6.Other Requirements
6.1 Must include installation, as well as calibration and verification of performance at time of initial system start-up.
6.2 Must include on-site user training.
6.3 Must include at least two (2) years warranty on parts and labor.
6.4 Packaged equipment must not exceed dimensions of 36” W x 82” H, which is the narrowest hallway dimension from the receiving dock to the lab.
6.5 Packaged equipment must not exceed max elevator load limit of 2268 kg.
6.6 Equipment must be CSA certified / compliant.
Rated Criteria:
1. Performance and Robustness
1.1 Describe the supplier’s track record for producing high-quality research equipment for the Canadian academic research environment.
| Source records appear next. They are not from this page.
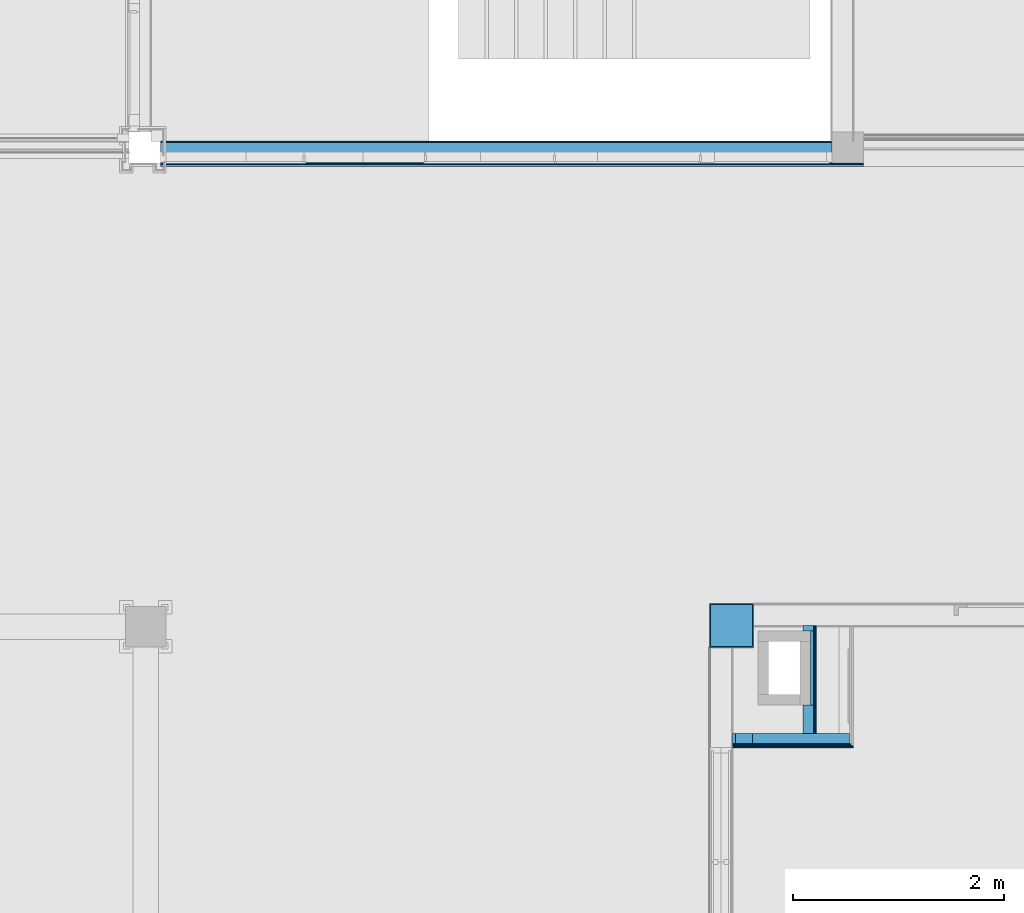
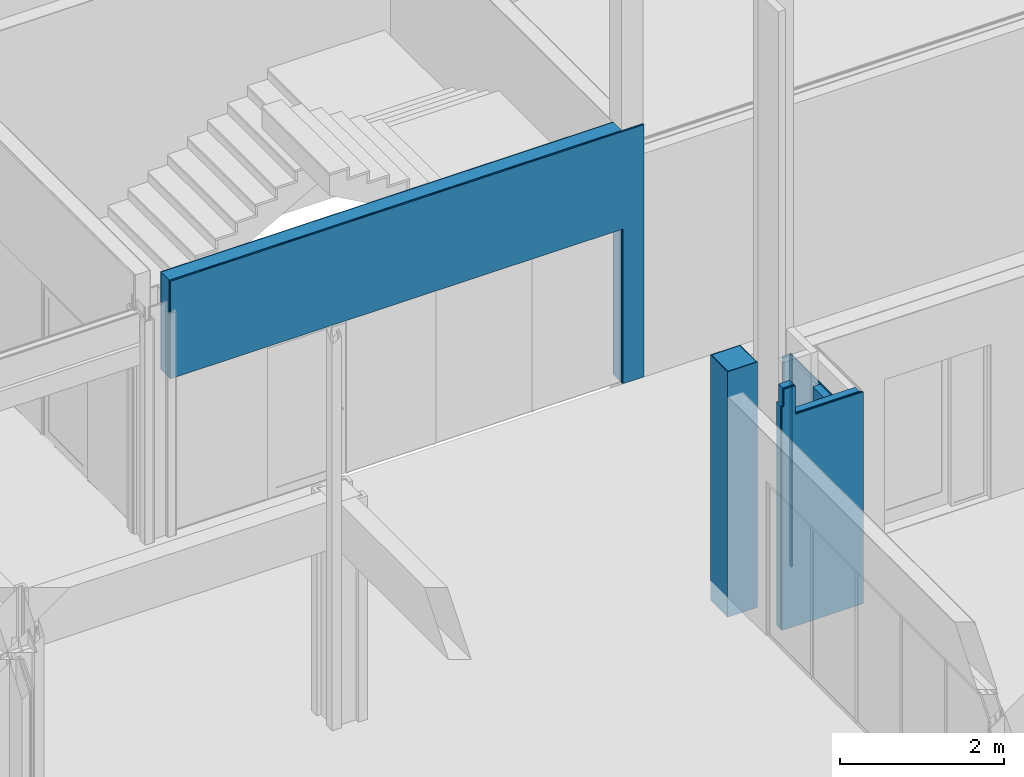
# One storey, part 78 of 139: 19 building element parts, 1 opening, 6 elements without a shape of their own.
"""IFC2X3 building model written with IfcOpenShell, lengths in millimetres."""

from ifc_helpers import new_model, entity, si_unit, converted_unit, derived_unit, money_unit, direction, frame, origin_with_axes, place, context, subcontext, project, spatial, faceted_brep, material, type_object, element, aggregate, save


model = new_model("IFC2X3")

# Units and contexts
model_context = context("Model", 3, precision=0.01, world=origin_with_axes(), true_north=direction((0.0, 1.0)))
body_context = subcontext(model_context, "Body", "Model", "MODEL_VIEW")
ifc_project = project(units=[si_unit("LENGTHUNIT", "METRE", prefix="MILLI"), si_unit("AREAUNIT", "SQUARE_METRE"), si_unit("VOLUMEUNIT", "CUBIC_METRE"), converted_unit("PLANEANGLEUNIT", "DEGREE", entity("IfcPlaneAngleMeasure", 0.0174532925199), si_unit("PLANEANGLEUNIT", "RADIAN"), dimensions=[0, 0, 0, 0, 0, 0, 0]), money_unit("EUR"), converted_unit("TIMEUNIT", "Year", entity("IfcTimeMeasure", 31556926.0), si_unit("TIMEUNIT", "SECOND"), dimensions=[0, 0, 1, 0, 0, 0, 0]), si_unit("MASSUNIT", "GRAM", prefix="KILO"), si_unit("THERMODYNAMICTEMPERATUREUNIT", "DEGREE_CELSIUS"), si_unit("LUMINOUSINTENSITYUNIT", "LUMEN"), si_unit("ENERGYUNIT", "JOULE", prefix="MEGA"), derived_unit("THERMALCONDUCTANCEUNIT", [(si_unit("POWERUNIT", "WATT"), 1), (si_unit("LENGTHUNIT", "METRE"), -1), (si_unit("THERMODYNAMICTEMPERATUREUNIT", "KELVIN"), -1)]), derived_unit("SPECIFICHEATCAPACITYUNIT", [(si_unit("ENERGYUNIT", "JOULE"), 1), (si_unit("MASSUNIT", "GRAM", prefix="KILO"), -1), (si_unit("THERMODYNAMICTEMPERATUREUNIT", "KELVIN"), -1)]), derived_unit("MASSDENSITYUNIT", [(si_unit("MASSUNIT", "GRAM", prefix="KILO"), 1), (si_unit("VOLUMEUNIT", "CUBIC_METRE"), -1)])], contexts=[model_context])

# Site, building, storey
site_placement = place(None, origin_with_axes())
site = spatial("IfcSite", under=ifc_project, at=site_placement, Name="Kolde pst 67a", CompositionType="ELEMENT")
building_placement = place(site_placement, origin_with_axes())
building = spatial("IfcBuilding", under=site, at=building_placement, Name="Riigigümnaasium", CompositionType="ELEMENT")
storey_placement = place(building_placement, frame((0.0, 0.0, 4600.0), z_axis=(0.0, 0.0, 1.0), x_axis=(1.0, 0.0, 0.0)))
storey = spatial("IfcBuildingStorey", under=building, at=storey_placement, Name="2. korrus", CompositionType="ELEMENT", Elevation=4600.0)

# Wall, opening, building element parts
wall_type_1 = type_object("IfcWallType", Name="SS-RB-20/3_+krohv+dold 240", PredefinedType="NOTDEFINED")
wall_1_placement = place(storey_placement, frame((52919.9941222, 28619.9996998, 0.0), z_axis=(0.0, 0.0, 1.0), x_axis=(1.0, 0.0, 0.0)))
wall_1 = element("IfcWall", 1, at=wall_1_placement, inside=storey, type_object=wall_type_1, Name="Sisesein")
opening_placement = place(wall_1_placement, frame((3180.01285644, 0.0, 0.0), z_axis=(0.0, 0.0, 1.0), x_axis=(1.0, 0.0, 0.0)))
element("IfcOpeningElement", 2, at=opening_placement, cuts=wall_1, Name="Ava", context=body_context, shape_type="Brep", body=[
    faceted_brep([(3180.01285644, 240.0, 0.0), (3180.01285644, 240.0, 2300.0), (3180.01285644, -480.0, 2300.0), (3180.01285644, -480.0, 0.0), (-3180.01285644, 240.0, 0.0), (-3180.01285644, 240.0, 2300.0), (-3180.01285644, -480.0, 2300.0), (-3180.01285644, -480.0, 0.0)], [[[0, 1, 2, 3]], [[0, 4, 5, 1]], [[1, 5, 6, 2]], [[3, 2, 6, 7]], [[4, 0, 3, 7]], [[5, 4, 7, 6]]]),
])
ifc_material_1 = material(Name="_VIIMISTLUSKIHT - viimistlus vastavalt SA osale")
building_element_part_1_placement = place(wall_1_placement, origin_with_axes())
building_element_part_1 = element("IfcBuildingElementPart", 3, at=building_element_part_1_placement, material=ifc_material_1, Name="_VIIMISTLUSKIHT - viimistlus vastavalt SA osale", context=body_context, shape_type="Brep", body=[
    faceted_brep([(6360.06264732, 200.0, 3750.0), (6360.06264732, 210.0, 3750.0), (0.0, 210.0, 3750.0), (0.0, 200.0, 3750.0), (6360.06264732, 210.0, 0.0), (6360.06264732, 200.0, 0.0), (6360.02571288, 210.0, 0.0), (6360.02571288, 210.0, 2300.0), (0.0, 210.0, 2300.0), (0.0, 200.0, 2300.0), (6360.02571288, 200.0, 2300.0), (6360.02571288, 200.0, 0.0)], [[[0, 1, 2, 3]], [[4, 1, 0, 5]], [[1, 4, 6, 7, 8, 2]], [[2, 8, 9, 3]], [[5, 0, 3, 9, 10, 11]], [[4, 5, 11, 6]], [[10, 7, 6, 11]], [[9, 8, 7, 10]]]),
])
ifc_material_2 = material(Name="_KANDETARIND - monteeritav raudbetoon vastavalt EK osale")
building_element_part_2_placement = place(wall_1_placement, origin_with_axes())
building_element_part_2 = element("IfcBuildingElementPart", 4, at=building_element_part_2_placement, material=ifc_material_2, Name="_KANDETARIND - monteeritav raudbetoon vastavalt EK osale", context=body_context, shape_type="Brep", body=[
    faceted_brep([(6360.06264732, -4.37200569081e-05, 3750.0), (6360.06264732, 200.0, 3750.0), (0.0, 200.0, 3750.0), (0.0, 0.0, 3750.0), (6360.06264732, 200.0, 0.0), (6360.06264732, -4.37200569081e-05, 0.0), (6360.02571288, 200.0, 0.0), (6360.02571288, 200.0, 2300.0), (0.0, 200.0, 2300.0), (0.0, 0.0, 2300.0), (6360.02571288, 0.0, 2300.0), (6360.02571288, 0.0, 0.0)], [[[0, 1, 2, 3]], [[4, 1, 0, 5]], [[1, 4, 6, 7, 8, 2]], [[2, 8, 9, 3]], [[5, 0, 3, 9, 10, 11]], [[4, 5, 11, 6]], [[10, 7, 6, 11]], [[9, 8, 7, 10]]]),
])
ifc_material_3 = material(Name="_KARKASS - eriprofiilkinnitus vastavalt sisemisele plaatviimistlusele")
building_element_part_3_placement = place(wall_1_placement, origin_with_axes())
building_element_part_3 = element("IfcBuildingElementPart", 5, at=building_element_part_3_placement, material=ifc_material_3, Name="_KARKASS - eriprofiilkinnitus vastavalt sisemisele plaatviimistlusele", context=body_context, shape_type="Brep", body=[
    faceted_brep([(6360.02571288, 0.0, 0.0), (6360.02571288, 0.0, 2300.0), (0.0, 0.0, 2300.0), (0.0, 0.0, 3750.0), (6660.06264732, 0.0, 3750.0), (6660.06264732, 0.0, 0.0), (6360.02571288, -10.0, 2300.0), (6360.02571288, -10.0, 0.0), (0.0, -10.0, 2300.0), (0.0, -10.0, 3750.0), (6660.06264732, -10.0, 3750.0), (6660.06264732, -10.0, 0.0)], [[[0, 1, 2, 3, 4, 5]], [[6, 1, 0, 7]], [[8, 2, 1, 6]], [[3, 2, 8, 9]], [[10, 4, 3, 9]], [[10, 11, 5, 4]], [[11, 7, 0, 5]], [[8, 6, 7, 11, 10, 9]]]),
])
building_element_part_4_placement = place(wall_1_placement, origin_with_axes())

Include the number of units of the proposed product that have been sold in the Canadian academic research environments (i.e., not industrial/pharmaceutical environments).
1.2 Describe the expected lifetime of the system given regular use and user maintenance.
1.3 Describe the developmental stage of the proposed system (i.e., equipment represents the most recent development for its class, an update/upgrade of an older generation system, or an aging system/technology).
1.4 Describe the specifications of the fermentation system that exceed the minimal requirements in the following areas (a, b, c), at no extra cost, thus providing added performance to the product:
a) Working Volume
(minimum is 30L)
b) Pumps
(minimum is 4)
c) Operating Software
(can a free/unlimited licence be offered?)
2. Maintenance
2.1 Describe your ability to provide additional extended warranty at no extra cost.
2.2 Describe what is included in the warranty (i.e., preventative maintenance, cost of parts, repairs, replacements, travels, shipping, technical support, software upgrades, etc).
3. Operation
3.1 User-friendliness: Describe in detail how the fermentation system is simple to use and requires little training for most users to operate the equipment at a competent level (typical user will be biological scientists and technicians working in an academic environment).
4. Support
4.1 Describe the response time, available hours, and quality of technical support.
4.2 Describe the ability of company to support and train laboratory staff in both official languages (English and French).
4.3 Describe the willingness of company to provide continuous training of laboratory staff and trainees on the instrument at no extra cost.